Für uns machts die Arbeit jedenfalls einfacher, wenn es nur noch einen anglerfeindlichen Bundesverband statt derer zwei gibt..


----------



## RuhrfischerPG (24. Juli 2012)

*AW: Fusion: Präsident Mohnert ausgebootet?*



m-spec schrieb:


> Petert Mohnert ist nicht ausgebootet sondern liegt wohl im Krankenhaus. Verdacht auf Krebs.



Querelen hin oder her..wenn DAS den Tatsachen entspricht,wünsche ich dem Menschen Peter Mohnert zuallererst
gute Besserung und eine möglichst rasche,dauerhafte Genesung.


----------



## velvet (24. Juli 2012)

*AW: Fusion: Präsident Mohnert ausgebootet?*



Thomas9904 schrieb:


> Und warum werden die gewünschten Vizes dann nicht veröffentlicht?


 
Weil diese Kandidaten für die VizeP. nur Wunsch der Initiativgruppe, einschließlich der eingefangenen FDP-MdB, sind.

Einige VDSF-Verbände lehnen diese Kreationen ab. Dies wurde auf der VDSF-Sitzung in Göttingen sehr deutlich.
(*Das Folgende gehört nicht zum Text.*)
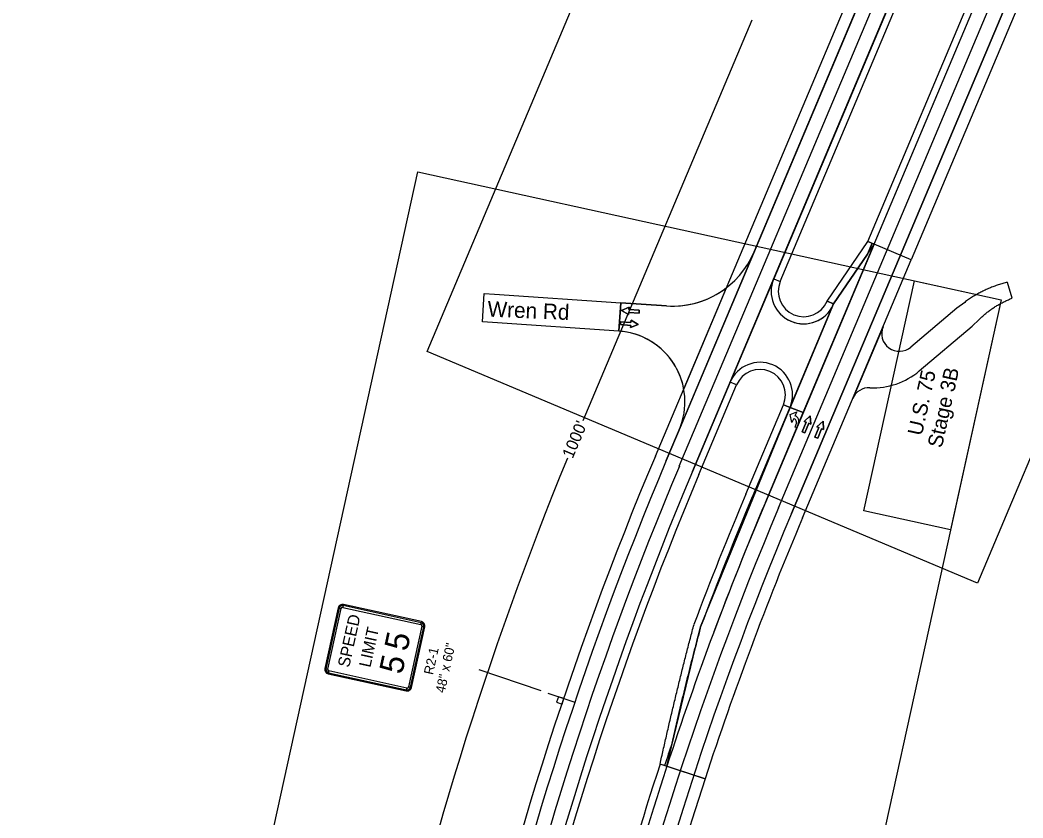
# Model space of a CAD drawing. Extents: x 14104283 to 14121738, y 8635219 to 8671666.
# Drawn here: x 14108596 to 14109444, y 8645129 to 8645804 of the extents above; entities that cross this region are included whole.
import ezdxf

# ---------------------------------------------------------------- set-up
doc = ezdxf.new("R2010")
doc.units = 0
for name, color, linetype in [('Cell', 7, 'Continuous'), ('Default', 7, 'Continuous'), ('dsnNonPlotable', 7, 'Continuous'), ('dsnPaintExistingBrokenLaneLineWhite', 7, 'Continuous'), ('dsnPaintExistingEdgeLineLeftYellow', 7, 'Continuous'), ('dsnPaintExistingEdgeLineRightWhite', 7, 'Continuous'), ('dsnPaintExistingLaneLineWhite', 7, 'Continuous'), ('dsnShadingGranular', 7, 'Continuous'), ('dsnShadingPaved', 7, 'Continuous'), ('dsnStdLabel', 7, 'Continuous'), ('dsnStgShadingPrevPav', 7, 'Continuous'), ('dsnTextFinalPlan', 7, 'Continuous'), ('dsnTextOverlapEven', 7, 'Continuous')]:
    doc.layers.add(name, color=color, linetype=linetype)

msp = doc.modelspace()

# ---------------------------------------------------------------- linework, layer by layer
at = {"layer": 'Cell'}
for p, q in [((14109250.67, 8645466.91), (14109250.38, 8645467.03)), ((14109251.49, 8645469.42), (14109251.66, 8645469.35)), ((14108869.07, 8645307.23), (14108869.4, 8645308.75)), ((14108935.53, 8645295.18), (14108869.6, 8645309.67)), ((14108865.14, 8645306.81), (14108853.87, 8645255.54)), ((14108866.05, 8645306.61), (14108867.58, 8645306.28)), ((14108935.33, 8645294.27), (14108934.99, 8645292.74)), ((14108927.12, 8645239.44), (14108938.39, 8645290.72)), ((14108935.95, 8645291.25), (14108937.47, 8645290.92)), ((14108856.31, 8645255), (14108854.79, 8645255.33)), ((14108856.73, 8645251.07), (14108922.66, 8645236.58)), ((14108856.93, 8645251.98), (14108857.26, 8645253.51)), ((14108923.19, 8645239.02), (14108922.86, 8645237.5)), ((14108926.21, 8645239.64), (14108924.68, 8645239.98)), ((14109042.45, 8645234.77), (14109065.2, 8645227.1))]:
    msp.add_line(p, q, dxfattribs=at)
for points in [[(14109119.8, 8645558.61), (14109119.6, 8645556.12), (14109110.88, 8645556.82), (14109110.73, 8645554.95), (14109104.75, 8645558.56), (14109111.23, 8645561.18), (14109111.08, 8645559.31)], [(14109103.82, 8645546.48), (14109104.02, 8645548.97), (14109112.74, 8645548.27), (14109112.89, 8645550.14), (14109118.87, 8645546.53), (14109112.39, 8645543.91), (14109112.54, 8645545.78)], [(14109259.91, 8645454.89), (14109257.59, 8645455.84), (14109260.91, 8645463.94), (14109259.18, 8645464.65), (14109264.44, 8645469.25), (14109264.96, 8645462.28), (14109263.23, 8645462.99)], [(14109270.68, 8645450.36), (14109268.36, 8645451.31), (14109271.69, 8645459.4), (14109269.95, 8645460.11), (14109275.21, 8645464.71), (14109275.73, 8645457.74), (14109274, 8645458.45)], [(14108935.33, 8645294.27), (14108869.4, 8645308.75), (14108869.07, 8645307.23), (14108934.99, 8645292.74), (14108935.33, 8645294.27)], [(14108866.05, 8645306.61), (14108854.79, 8645255.33), (14108856.31, 8645255), (14108867.58, 8645306.28), (14108866.05, 8645306.61)], [(14108926.21, 8645239.64), (14108937.47, 8645290.92), (14108935.95, 8645291.25), (14108924.68, 8645239.98), (14108926.21, 8645239.64)], [(14108856.93, 8645251.98), (14108922.86, 8645237.5), (14108923.19, 8645239.02), (14108857.26, 8645253.51), (14108856.93, 8645251.98)], [(14109056.03, 8645230.1), (14109051.38, 8645231.67), (14109049.81, 8645227.02), (14109054.46, 8645225.45)]]:
    msp.add_lwpolyline(points, close=True, dxfattribs=at)
for points in [[(14109111.08, 8645559.31), (14109111.23, 8645561.18), (14109104.75, 8645558.56), (14109110.73, 8645554.95), (14109110.88, 8645556.82), (14109119.6, 8645556.12), (14109119.8, 8645558.61), (14109111.08, 8645559.31)], [(14109112.54, 8645545.78), (14109112.39, 8645543.91), (14109118.87, 8645546.53), (14109112.89, 8645550.14), (14109112.74, 8645548.27), (14109104.02, 8645548.97), (14109103.82, 8645546.48), (14109112.54, 8645545.78)], [(14109247.3, 8645470.55), (14109253.04, 8645472.76), (14109251.49, 8645469.42)], [(14109247.3, 8645470.55), (14109253.04, 8645472.76), (14109251.49, 8645469.42)], [(14109250.38, 8645467.03), (14109248.83, 8645463.69), (14109247.3, 8645470.55)], [(14109250.38, 8645467.03), (14109248.83, 8645463.69), (14109247.3, 8645470.55)], [(14109250.67, 8645466.91), (14109250.38, 8645467.03)], [(14109251.49, 8645469.42), (14109251.66, 8645469.35)], [(14109254.3, 8645462.61), (14109252.92, 8645459.2), (14109251.54, 8645459.76), (14109252.52, 8645462.2)], [(14109254.3, 8645462.61), (14109252.92, 8645459.2), (14109251.54, 8645459.76), (14109252.52, 8645462.2)], [(14109263.23, 8645462.99), (14109264.96, 8645462.28), (14109264.44, 8645469.25), (14109259.18, 8645464.65), (14109260.91, 8645463.94), (14109257.59, 8645455.84), (14109259.91, 8645454.89), (14109263.23, 8645462.99)], [(14109274, 8645458.45), (14109275.73, 8645457.74), (14109275.21, 8645464.71), (14109269.95, 8645460.11), (14109271.69, 8645459.4), (14109268.36, 8645451.31), (14109270.68, 8645450.36), (14109274, 8645458.45)], [(14109056.03, 8645230.1), (14109051.38, 8645231.67), (14109049.81, 8645227.02), (14109054.46, 8645225.45), (14109056.03, 8645230.1)]]:
    msp.add_lwpolyline(points, dxfattribs=at)
for centre, radius, start, end in [((14108868.8, 8645306.01), 3.75, 77.60784, 167.60805), ((14108868.8, 8645306.01), 2.81, 77.60784, 167.60805), ((14108868.8, 8645306.01), 1.25, 77.60784, 167.60805), ((14108934.73, 8645291.52), 1.25, 347.60789, 77.6081), ((14108934.73, 8645291.52), 2.81, 347.60789, 77.6081), ((14108934.73, 8645291.52), 3.75, 347.60789, 77.6081), ((14108857.53, 8645254.73), 3.75, 167.60805, 257.60768), ((14108857.53, 8645254.73), 2.81, 167.60805, 257.60768), ((14108857.53, 8645254.73), 1.25, 167.60805, 257.60768), ((14108923.46, 8645240.25), 3.75, 257.60768, 347.60789), ((14108923.46, 8645240.25), 2.81, 257.60768, 347.60789), ((14108923.46, 8645240.25), 1.25, 257.60768, 347.60789)]:
    msp.add_arc(centre, radius, start, end, dxfattribs=at)
for centre, major_axis in [((14109249.29, 8645463.5), (-1.38, -3.41)), ((14109249.29, 8645463.5), (-1.38, -3.41)), ((14109249.68, 8645464.48), (-1.97, -4.87)), ((14109249.68, 8645464.48), (-1.97, -4.87))]:
    msp.add_ellipse(centre, major_axis=major_axis, ratio=0.9474, start_param=1.570796, end_param=3.141593, dxfattribs=at)
at = {"layer": 'Default'}
for points in [[(14118413.25, 8667444.25), (14110818.39, 8649409.15), (14109142.61, 8645431.44)], [(14109164.73, 8645422.12), (14110840.51, 8649399.84), (14118435.37, 8667434.94)]]:
    msp.add_lwpolyline(points, dxfattribs=at)
for radius in [2968, 2944]:
    msp.add_arc((14111877.8, 8644279.13), radius, 157.1547, 167.84877, dxfattribs=at)
at = {"layer": 'dsnNonPlotable'}
for points in [[(14108940.51, 8645523.76), (14109549.08, 8646968.3), (14110014.46, 8646772.24), (14109405.89, 8645327.7)], [(14108596.11, 8644144.86), (14108932.49, 8645675.84), (14109425.73, 8645567.47), (14109089.34, 8644036.49)]]:
    msp.add_lwpolyline(points, close=True, dxfattribs=at)
at = {"layer": 'dsnPaintExistingBrokenLaneLineWhite'}
for p, q in [((14109153.67, 8645426.78), (14110829.45, 8649404.5)), ((14109237.53, 8645391.45), (14110075.43, 8647380.31))]:
    msp.add_line(p, q, dxfattribs=at)
for centre, radius in [((14111877.8, 8644279.13), 2956), ((14111877.79, 8644279.13), 2865)]:
    msp.add_arc(centre, radius, 157.1547, 167.84877, dxfattribs=at)
at = {"layer": 'dsnPaintExistingEdgeLineLeftYellow'}
for p, q in [((14109318.52, 8645614.6), (14110902.26, 8649373.83)), ((14109283.61, 8645562.93), (14109318.29, 8645614.05)), ((14109196.6, 8645497.77), (14109164.73, 8645422.12)), ((14109171.7, 8645290.75), (14109247.29, 8645476.42)), ((14109143.12, 8645172.82), (14109171.7, 8645290.75))]:
    msp.add_line(p, q, dxfattribs=at)
msp.add_lwpolyline([(14111383.58, 8650689.44), (14110840.51, 8649399.84), (14109233.49, 8645585.32)], dxfattribs=at)
for centre, radius, start, end in [((14109258.83, 8645574.64), 27.5, 157.1547, 335.84151), ((14109221.94, 8645487.09), 27.5, 67.1547, 157.1547), ((14109221.94, 8645487.09), 27.5, 337.1547, 67.1547), ((14111877.8, 8644279.13), 2944, 157.1547, 167.84877), ((14111877.79, 8644279.13), 2877, 161.90302, 167.84877)]:
    msp.add_arc(centre, radius, start, end, dxfattribs=at)
at = {"layer": 'dsnPaintExistingEdgeLineRightWhite'}
for p, q in [((14109248.59, 8645386.79), (14110924.38, 8649364.51)), ((14109155.29, 8645461.54), (14109142.61, 8645431.44))]:
    msp.add_line(p, q, dxfattribs=at)
msp.add_lwpolyline([(14111344.56, 8650658.61), (14110818.39, 8649409.15), (14109217.02, 8645608.05)], dxfattribs=at)
for centre, radius in [((14111877.8, 8644279.13), 2968), ((14111877.79, 8644279.13), 2853)]:
    msp.add_arc(centre, radius, 157.1547, 167.84877, dxfattribs=at)
at = {"layer": 'dsnPaintExistingLaneLineWhite'}
msp.add_line((14109226.48, 8645396.11), (14109258.54, 8645472.23), dxfattribs=at)
msp.add_arc((14111877.79, 8644279.13), 2877, 157.1547, 159.50271, dxfattribs=at)
at = {"layer": 'dsnShadingGranular'}
msp.add_line((14109325.98, 8645544.73), (14109300.38, 8645483.96), dxfattribs=at)
at = {"layer": 'dsnShadingPaved'}
for p, q in [((14109258.54, 8645472.23), (14110902.26, 8649373.83)), ((14110924.38, 8649364.51), (14109248.59, 8645386.79)), ((14109318.29, 8645614.05), (14109258.54, 8645472.23)), ((14109283.61, 8645562.93), (14109318.29, 8645614.05)), ((14109153.74, 8645457.84), (14109217.02, 8645608.05)), ((14109196.6, 8645497.77), (14109233.49, 8645585.32)), ((14109104.08, 8645564.95), (14109102.47, 8645541)), ((14109142.87, 8645562.34), (14109104.08, 8645564.95)), ((14109171.7, 8645290.75), (14109247.29, 8645476.42)), ((14109247.29, 8645476.42), (14109258.54, 8645472.23)), ((14109258.54, 8645472.23), (14109247.29, 8645476.42)), ((14109143.12, 8645172.82), (14109171.7, 8645290.75))]:
    msp.add_line(p, q, dxfattribs=at)
for centre, radius, start, end in [((14109147.9, 8645637.17), 75, 266.1547, 337.1547), ((14109258.83, 8645574.64), 27.5, 157.1547, 247.1547), ((14109258.83, 8645574.64), 27.5, 247.1547, 335.84151), ((14109098.44, 8645481.13), 60, 337.1547, 86.1547), ((14109221.94, 8645487.09), 27.5, 67.1547, 157.1547), ((14109221.94, 8645487.09), 27.5, 337.1547, 67.1547), ((14111877.79, 8644279.13), 2853, 157.1547, 167.84877), ((14111877.79, 8644279.13), 2877, 161.90302, 167.84877)]:
    msp.add_arc(centre, radius, start, end, dxfattribs=at)
at = {"layer": 'dsnStdLabel'}
for p, q in [((14109214.96, 8645804.07), (14109072.17, 8645465.12)), ((14109036.86, 8645236.77), (14108984.36, 8645254.47))]:
    msp.add_line(p, q, dxfattribs=at)
msp.add_arc((14111877.8, 8644279.13), 3046, 157.72718, 167.84877, dxfattribs=at)
at = {"layer": 'dsnStgShadingPrevPav'}
for p, q in [((14109133.4, 8645435.32), (14110809.18, 8649413.03)), ((14110818.39, 8649409.15), (14109142.61, 8645431.44)), ((14109318.52, 8645614.6), (14109226.48, 8645396.11)), ((14109318.52, 8645614.6), (14109226.48, 8645396.11)), ((14109312.8, 8645606.16), (14109316.68, 8645615.38)), ((14109316.68, 8645615.38), (14109318.52, 8645614.6)), ((14109349.86, 8645601.4), (14109318.52, 8645614.6)), ((14109155.29, 8645461.54), (14109217.02, 8645608.05)), ((14109284.17, 8645563.96), (14109312.8, 8645606.16)), ((14109257.81, 8645382.91), (14109349.86, 8645601.4)), ((14109196.6, 8645497.77), (14109233.49, 8645585.32)), ((14109233.49, 8645585.32), (14109196.6, 8645497.77)), ((14109233.49, 8645585.32), (14109239.01, 8645582.99)), ((14109435.19, 8645568.84), (14109431.12, 8645582.24)), ((14109193.28, 8645577.45), (14109157.4, 8645492.29)), ((14109102.47, 8645541), (14109104.08, 8645564.95)), ((14109104.08, 8645564.95), (14109142.87, 8645562.34)), ((14109215.42, 8645400.77), (14109284.17, 8645563.96)), ((14109284.17, 8645563.96), (14109247.29, 8645476.42)), ((14109278.64, 8645566.29), (14109284.17, 8645563.96)), ((14109401.37, 8645545.2), (14109407.22, 8645550.87)), ((14109325.98, 8645544.73), (14109300.38, 8645483.96)), ((14109356.61, 8645507.27), (14109401.37, 8645545.2)), ((14109196.6, 8645497.77), (14109164.73, 8645422.12)), ((14109196.6, 8645497.77), (14109164.73, 8645422.12)), ((14109170.26, 8645419.79), (14109202.13, 8645495.44)), ((14109202.13, 8645495.44), (14109196.6, 8645497.77)), ((14109202.13, 8645495.44), (14109196.6, 8645497.77)), ((14109209.89, 8645403.09), (14109241.76, 8645478.75)), ((14109247.29, 8645476.42), (14109241.76, 8645478.75)), ((14109241.76, 8645478.75), (14109247.29, 8645476.42)), ((14109247.29, 8645476.42), (14109215.42, 8645400.77)), ((14109142.61, 8645431.44), (14109155.29, 8645461.54)), ((14109175.44, 8645162.26), (14109137.42, 8645174.69)), ((14109141.22, 8645173.44), (14109137.42, 8645174.69)), ((14109143.12, 8645172.82), (14109141.22, 8645173.44)), ((14109143.12, 8645172.82), (14109175.44, 8645162.26))]:
    msp.add_line(p, q, dxfattribs=at)
for points in [[(14109239.01, 8645582.99), (14111389.11, 8650687.11), (14111383.58, 8650689.44), (14109233.49, 8645585.32)], [(14109313, 8645616.93), (14110622.7, 8648725.72), (14110659.7, 8648710.5), (14109349.86, 8645601.4)], [(14109278.64, 8645566.29), (14109313, 8645616.93), (14109316.68, 8645615.38), (14109312.8, 8645606.16), (14109284.17, 8645563.96)], [(14108987.25, 8645548.72), (14108988.7, 8645572.67), (14108997.4, 8645572.12), (14109104.08, 8645564.95), (14109102.47, 8645541), (14108995.79, 8645548.17)]]:
    msp.add_lwpolyline(points, close=True, dxfattribs=at)
for points in [[(14111383.58, 8650689.44), (14110840.51, 8649399.84), (14109233.49, 8645585.32)], [(14109217.02, 8645608.05), (14110818.39, 8649409.15), (14111344.56, 8650658.61)], [(14109395, 8645565.3), (14109388.44, 8645560.45), (14109349.5, 8645527.46)]]:
    msp.add_lwpolyline(points, dxfattribs=at)
for centre, radius, start, end in [((14109258.83, 8645574.64), 21.5, 157.1547, 247.1547), ((14109147.9, 8645637.17), 75, 266.1547, 307.22827), ((14109258.83, 8645574.64), 21.5, 247.1547, 337.1547), ((14109098.44, 8645481.13), 60, 10.71201, 86.1547), ((14109339.81, 8645538.91), 15, 157.1547, 310.2778), ((14109221.94, 8645487.09), 21.5, 67.1547, 157.1547), ((14109221.94, 8645487.09), 21.5, 337.1547, 67.1547), ((14109317.82, 8645553.05), 60, 267.23357, 310.2778), ((14109314.2, 8645478.13), 15, 87.23357, 157.1547), ((14111877.8, 8644279.13), 2978, 157.1547, 167.84877), ((14111877.8, 8644279.13), 2968, 157.1547, 167.84877), ((14111877.8, 8644279.13), 2968, 157.1547, 167.84877), ((14111877.8, 8644279.13), 2944, 157.1547, 167.84877), ((14111877.8, 8644279.13), 2944, 157.1547, 167.84877), ((14111877.8, 8644279.13), 2938, 157.1547, 167.84877), ((14111877.79, 8644279.13), 2895, 157.1547, 159.50271), ((14111877.79, 8644279.13), 2877, 157.1547, 161.90253), ((14111877.79, 8644279.13), 2877, 157.1547, 161.90253), ((14111877.79, 8644279.13), 2889, 157.1547, 159.50271), ((14111877.79, 8644279.13), 2889, 157.1547, 159.50271), ((14111877.79, 8644279.13), 2843, 157.1547, 161.90253), ((14111877.79, 8644279.13), 2879, 161.50256, 161.90253), ((14111877.79, 8644279.13), 2879, 161.50256, 161.90253), ((14111877.79, 8644279.13), 2883, 161.90253, 167.84877), ((14111877.79, 8644279.13), 2843, 161.90253, 167.84877)]:
    msp.add_arc(centre, radius, start, end, dxfattribs=at)
for points in [[(14109431.12, 8645582.24), (14109430.48, 8645582.08), (14109429.19, 8645581.77), (14109427.27, 8645581.25), (14109425.36, 8645580.69), (14109423.46, 8645580.1), (14109421.57, 8645579.46), (14109419.69, 8645578.78), (14109417.82, 8645578.07), (14109415.97, 8645577.31), (14109414.12, 8645576.52), (14109412.3, 8645575.69), (14109410.49, 8645574.81), (14109408.69, 8645573.91), (14109406.91, 8645572.96), (14109405.15, 8645571.98), (14109403.4, 8645570.95), (14109401.68, 8645569.9), (14109399.98, 8645568.8), (14109398.29, 8645567.67), (14109396.63, 8645566.51), (14109395.54, 8645565.7), (14109395, 8645565.3)], [(14109407.22, 8645550.87), (14109407.62, 8645551.25), (14109408.41, 8645552.02), (14109409.62, 8645553.14), (14109410.86, 8645554.24), (14109412.12, 8645555.32), (14109413.4, 8645556.37), (14109414.71, 8645557.39), (14109416.05, 8645558.39), (14109417.4, 8645559.37), (14109418.77, 8645560.31), (14109420.17, 8645561.23), (14109421.59, 8645562.13), (14109423.03, 8645562.99), (14109424.48, 8645563.83), (14109425.96, 8645564.64), (14109427.45, 8645565.41), (14109428.97, 8645566.16), (14109430.5, 8645566.88), (14109432.04, 8645567.57), (14109433.61, 8645568.23), (14109434.66, 8645568.64), (14109435.19, 8645568.84)], [(14109137.42, 8645174.69), (14109137.85, 8645176.66), (14109138.73, 8645180.61), (14109140.05, 8645186.54), (14109141.39, 8645192.46), (14109142.74, 8645198.38), (14109144.1, 8645204.29), (14109145.48, 8645210.21), (14109146.86, 8645216.13), (14109148.27, 8645222.04), (14109149.68, 8645227.95), (14109151.11, 8645233.86), (14109152.55, 8645239.77), (14109154, 8645245.67), (14109155.46, 8645251.58), (14109156.94, 8645257.48), (14109158.43, 8645263.38), (14109159.94, 8645269.28), (14109161.45, 8645275.17), (14109162.98, 8645281.07), (14109164.52, 8645286.96), (14109165.56, 8645290.89), (14109166.08, 8645292.85)], [(14109147.53, 8645192.53), (14109147.9, 8645194.17), (14109148.65, 8645197.45), (14109149.78, 8645202.37), (14109150.93, 8645207.29), (14109152.08, 8645212.21), (14109153.24, 8645217.13), (14109154.41, 8645222.05), (14109155.58, 8645226.96), (14109156.77, 8645231.88), (14109157.97, 8645236.79), (14109159.17, 8645241.7), (14109160.38, 8645246.61), (14109161.6, 8645251.52), (14109162.83, 8645256.43), (14109164.07, 8645261.34), (14109165.32, 8645266.24), (14109166.58, 8645271.15), (14109167.85, 8645276.05), (14109169.12, 8645280.95), (14109170.4, 8645285.85), (14109171.27, 8645289.12), (14109171.7, 8645290.75)], [(14109171.7, 8645290.75), (14109171.27, 8645289.12), (14109170.4, 8645285.85), (14109169.12, 8645280.95), (14109167.85, 8645276.05), (14109166.58, 8645271.15), (14109165.32, 8645266.24), (14109164.07, 8645261.34), (14109162.83, 8645256.43), (14109161.6, 8645251.52), (14109160.38, 8645246.61), (14109159.17, 8645241.7), (14109157.97, 8645236.79), (14109156.77, 8645231.88), (14109155.58, 8645226.96), (14109154.41, 8645222.05), (14109153.24, 8645217.13), (14109152.08, 8645212.21), (14109150.93, 8645207.29), (14109149.78, 8645202.37), (14109148.65, 8645197.45), (14109147.9, 8645194.17), (14109147.53, 8645192.53)]]:
    msp.add_open_spline(points, degree=3, dxfattribs=at)
at = {"layer": 'dsnTextOverlapEven'}
for points in [[(14109425.73, 8645567.47), (14109382.96, 8645372.83), (14109309.71, 8645388.93), (14109352.48, 8645583.57)], [(14109309.71, 8645388.93), (14109352.48, 8645583.57), (14109425.73, 8645567.47), (14109382.96, 8645372.83)]]:
    msp.add_lwpolyline(points, close=True, dxfattribs=at)

# ---------------------------------------------------------------- texts
at = {"layer": 'Cell'}
for s, height, p in [('SPEED', 10, (14108874.41, 8645255.8)), ('LIMIT', 10, (14108892.34, 8645255.89)), ('5', 20, (14108923.46, 8645269.38)), ('48" x 60"', 8, (14108955.18, 8645234.33)), ('5', 20, (14108919.17, 8645249.85)), ('R2-1', 8, (14108945.26, 8645249.77))]:
    msp.add_text(s, height=height, rotation=77.60784, dxfattribs=at).set_placement(p)
at = {"layer": 'dsnStdLabel'}
msp.add_text("1000'", height=10, rotation=67.05307, dxfattribs=at).set_placement((14109063.42, 8645432.55))
at = {"layer": 'dsnTextFinalPlan'}
msp.add_text('Wren Rd', height=13.125, rotation=357.6374, dxfattribs=at).set_placement((14108991.27, 8645553.28))
at = {"layer": 'dsnTextOverlapEven'}
for s, p in [('U.S. 75', (14109358.74, 8645451.91)), ('Stage 3B', (14109375.66, 8645441.54))]:
    msp.add_text(s, height=12.5, rotation=77.60784, dxfattribs=at).set_placement(p)

doc.saveas('drawing.dxf')

Übrigends drei sind Dir schon bekannt (Markstein,Steffens,Braun).


----------



## velvet (24. Juli 2012)

*AW: Fusion: Präsident Mohnert ausgebootet?*



m-spec schrieb:


> Das ganze wird wohl in Papenburg über die Bühne gebracht werden beim Deutschen Fischereitag.


 
Wohl kaum, denn der Dt. Fischereitag ist kein beschlußfähiges Organ des VDSF.

Dies ist nur die Mitgliederversammlung im November in Berlin. 

Und zur Verhinderung der undurchdachten Fusion (Bedienungsprozess um Ämter und Funktionen) reichen schon 25% Gegenstimmen!


----------



## Thomas9904 (25. Juli 2012)

*AW: Fusion: Präsident Mohnert ausgebootet?*



RuhrfischerPG schrieb:


> Querelen hin oder her..wenn DAS den Tatsachen entspricht,wünsche ich dem Menschen Peter Mohnert zuallererst
> gute Besserung und eine möglichst rasche,dauerhafte Genesung.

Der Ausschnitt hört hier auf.